What is AWS EventBridge?

AWS EventBridge is a serverless event bus that facilitates building event-driven applications at scale. It enables developers to easily connect applications with data from various sources, including AWS services, SaaS applications, and custom applications. By leveraging EventBridge, developers can route real-time data streams to specific targets such as AWS Lambda functions, Amazon Kinesis streams, or Amazon Simple Notification Service (SNS) topics, triggering business workflows or processes in response to events.

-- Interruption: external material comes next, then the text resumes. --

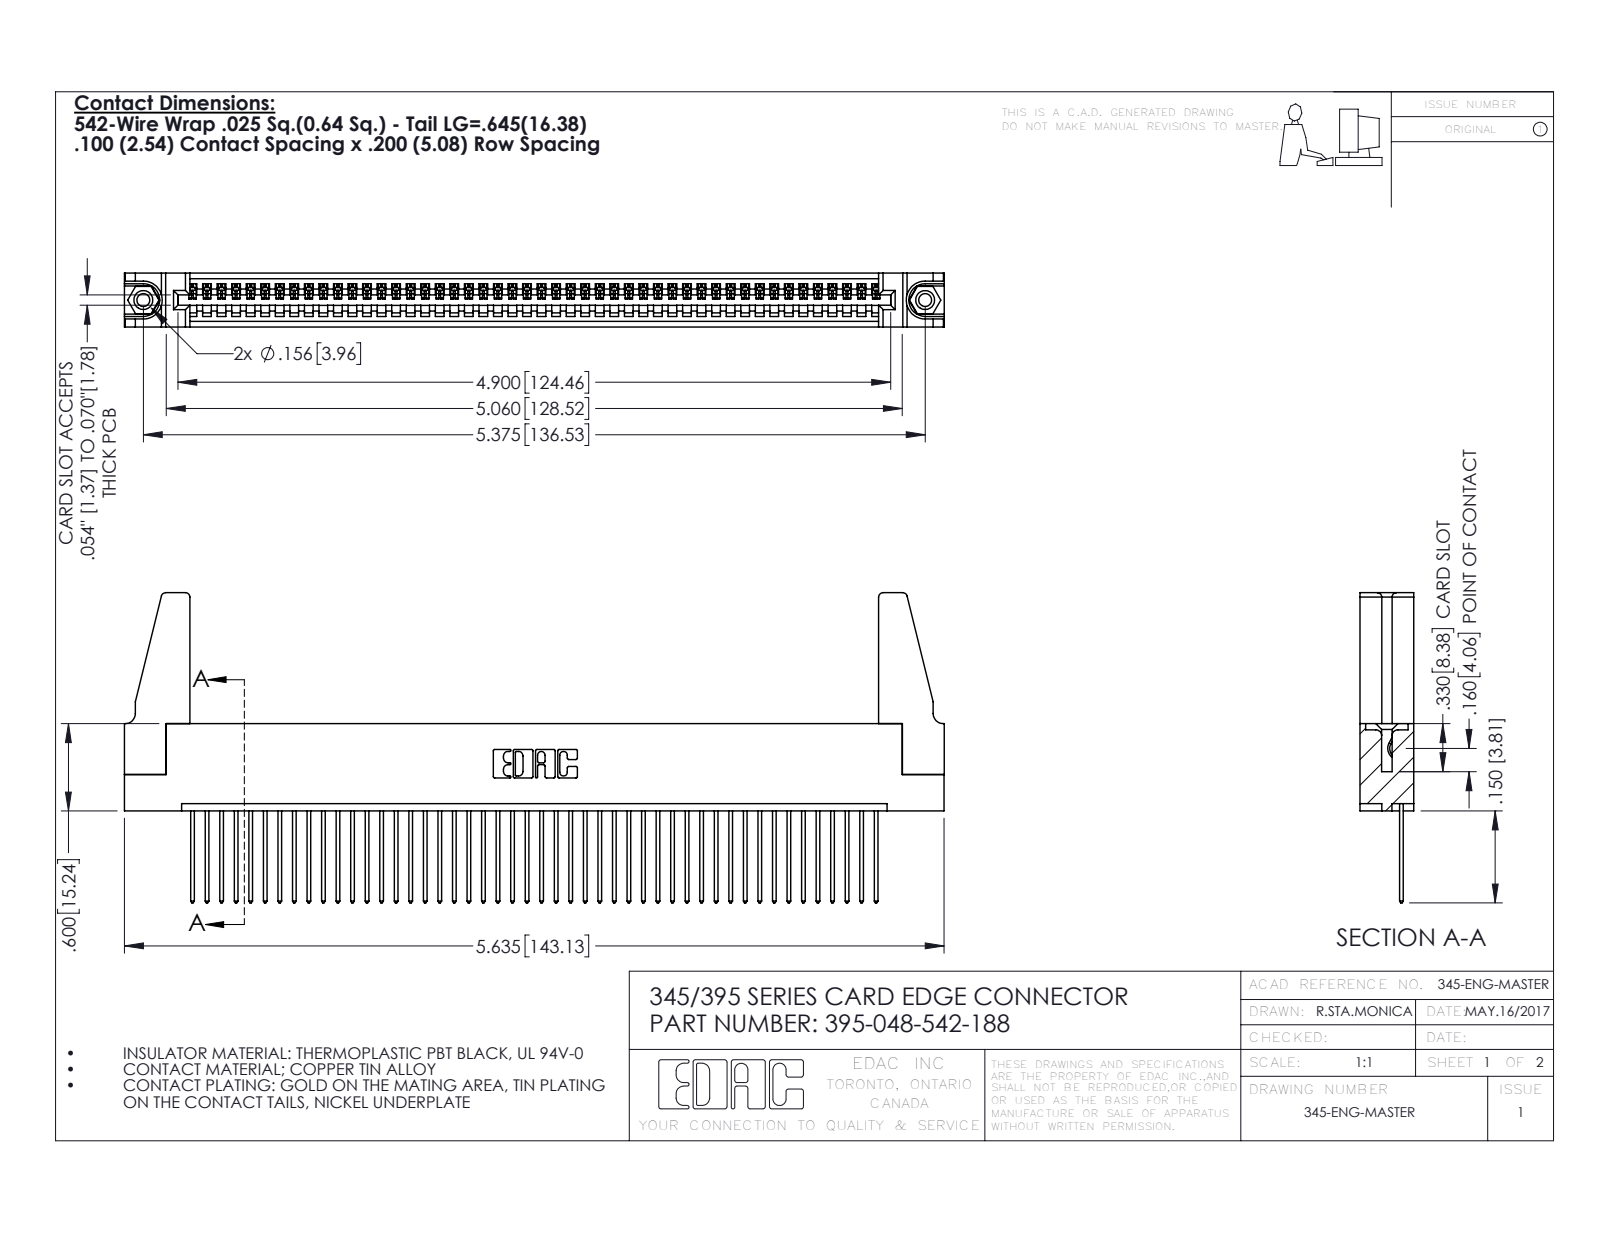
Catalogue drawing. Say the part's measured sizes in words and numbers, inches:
The part is named "345-220-078_345-220-088; 345-292-001_345-293-142; 345 Part_Flush Mounting Lugs - 0.156 Dia-TH; 395-048-542-188 (+1 more)". Its 3-D file was written by "SolidWorks 2016 (CONFIG_CONTROL_DESIGN)". It is 53 solids with 3034 faces: 2072 planar, 946 cylindrical and 16 other. Overall it measures 5.636 by 2.132 by 0.37 inches. Its volume is 1.038 cubic inches and its surface area 34.35 square inches. Round holes: 2 of diameter 0.089, 2 of diameter 0.125, 2 of diameter 0.156, 1 of diameter 0.064. Round bosses or shafts: 2 of diameter 0.155. Partial cylindrical surfaces (rounded edges, fillets, slot ends): 96 of radius 0.006, 96 of radius 0.01, 22 of radius 0.01, 8 of radius 0.03, 6 of radius 0.007, 6 of radius 0.031, 3 of radius 0.026, 2 of radius 0.031. The main face-to-face distances are 0.072, 0.298, 0.37, 0.098, 0.272, 0.025, 0.2, 0.225, 0.149, 0.072. The hole center spacings are 0.27, 5.139, 5.375.

How does AWS EventBridge work?

The operation of AWS EventBridge revolves around the concepts of events, rules, and targets. An event is a JSON-formatted message that represents a change in an environment. When an event occurs, it is sent to the EventBridge bus, where a rule determines how to process and route the event. Rules are criteria or patterns that specify actions when an event matches the rule. Targets are destinations for events that match rules and can include AWS services or custom HTTP endpoints. EventBridge processes events by evaluating each incoming event against the defined rules. When an event matches a rule, EventBridge routes the event to the corresponding target for handling, facilitating a decoupled, scalable, and efficient event-driven architecture.

Use Cases

AWS EventBridge finds its utility in various use cases across multiple domains. One everyday use case is application integration, which simplifies connecting and coordinating the components of distributed applications. For example, an e-commerce application can use EventBridge to connect inventory management, order processing, and notification services seamlessly. In automation and orchestration, EventBridge can trigger workflows in response to specific events, such as launching an automated response when a security system detects unauthorized access attempts. Additionally, EventBridge can centralize events from multiple sources in the monitoring and observability space, enabling the aggregation and filtering of logs for enhanced system monitoring and alerting.

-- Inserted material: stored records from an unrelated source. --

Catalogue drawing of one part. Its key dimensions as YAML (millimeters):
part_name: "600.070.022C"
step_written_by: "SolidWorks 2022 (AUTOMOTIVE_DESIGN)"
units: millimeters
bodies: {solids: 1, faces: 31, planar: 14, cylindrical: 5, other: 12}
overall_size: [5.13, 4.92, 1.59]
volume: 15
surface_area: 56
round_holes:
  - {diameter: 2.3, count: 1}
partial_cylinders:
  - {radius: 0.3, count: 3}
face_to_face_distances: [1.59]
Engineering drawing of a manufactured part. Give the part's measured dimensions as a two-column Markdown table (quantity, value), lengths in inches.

Does PubNub use Event-Driven Architecture?

Yes, PubNub operates as an event-driven architecture primarily through its real-time messaging infrastructure, which allows applications to communicate asynchronously by publishing and subscribing to messages across global channels.

At its core, PubNub’s event-driven architecture is its publish/subscribe model. Applications can publish messages with minimal latency, facilitating real-time interactions within and between applications. In addition to PubNub's event-driven architecture, we offer PubNub Events and Actions, allowing you to define your events and actions, giving you access to PubNub-specific events and connecting those to third-party applications. 

EventHub providers

Apache Kafka: An open-source distributed event streaming platform widely used for building real-time data pipelines and streaming applications.

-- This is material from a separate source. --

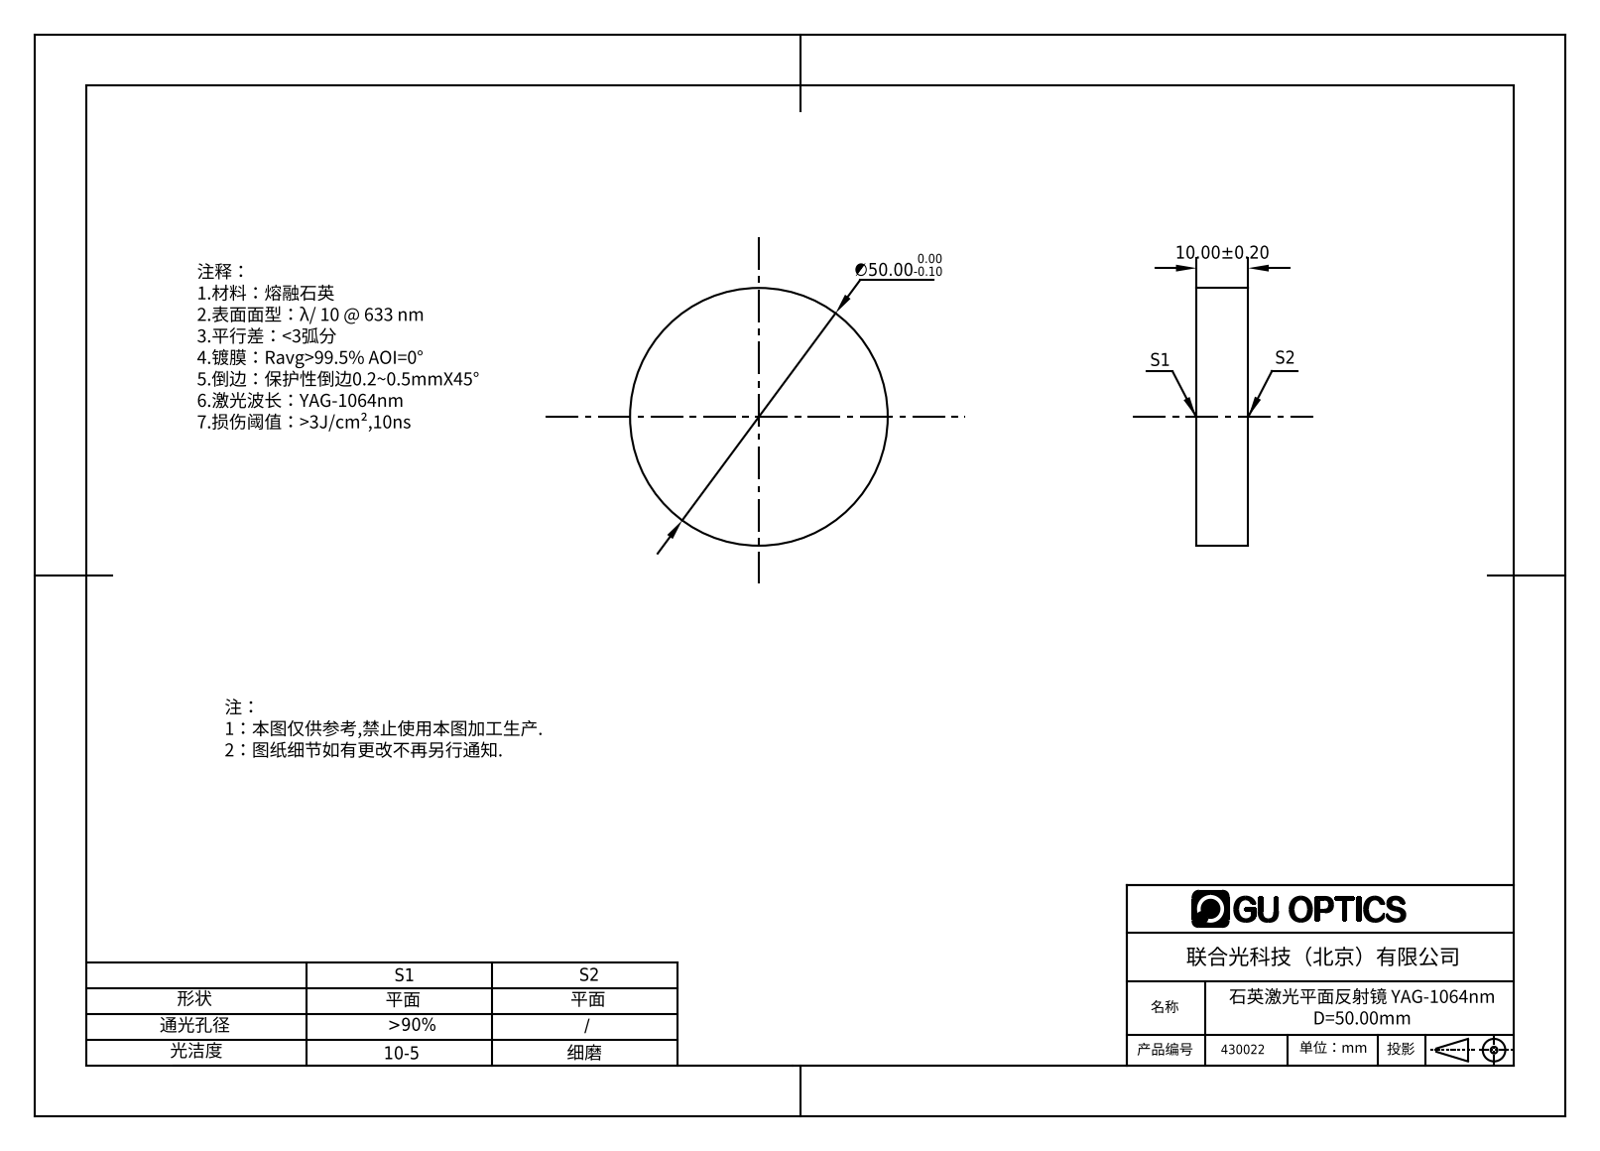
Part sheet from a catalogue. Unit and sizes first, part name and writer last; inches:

PubNub: A real-time data streaming network and API that enables developers to build and scale real-time applications and services. PubNub offers messaging, presence detection, and data streaming features, making it suitable for use cases such as IoT applications, chat applications, multiplayer games, and real-time analytics. Also offering integration with Apache Kafka Bridge

Amazon Kinesis: A platform provided by AWS for real-time data streaming and analytics, offering services like Kinesis Data Streams, Kinesis Data Firehose, and Kinesis Data Analytics.

Google Cloud Pub/Sub: A fully managed real-time messaging service provided by Google Cloud Platform, enabling asynchronous messaging between applications and systems.

IBM Event Streams: A managed Kafka service provided by IBM Cloud, offering event streaming capabilities with Kafka as the underlying technology.

Azure Event Hub: Microsoft Azure's fully managed real-time event ingestion service that can integrate with other Azure services for real-time analytics and processing.

AWS EventBridge: A serverless event bus service provided by AWS, allowing you to build event-driven architectures and integrate AWS services, SaaS applications, and custom applications.

RabbitMQ: An open-source message broker that supports multiple messaging protocols, including AMQP and MQTT, and can be used for event-driven architectures.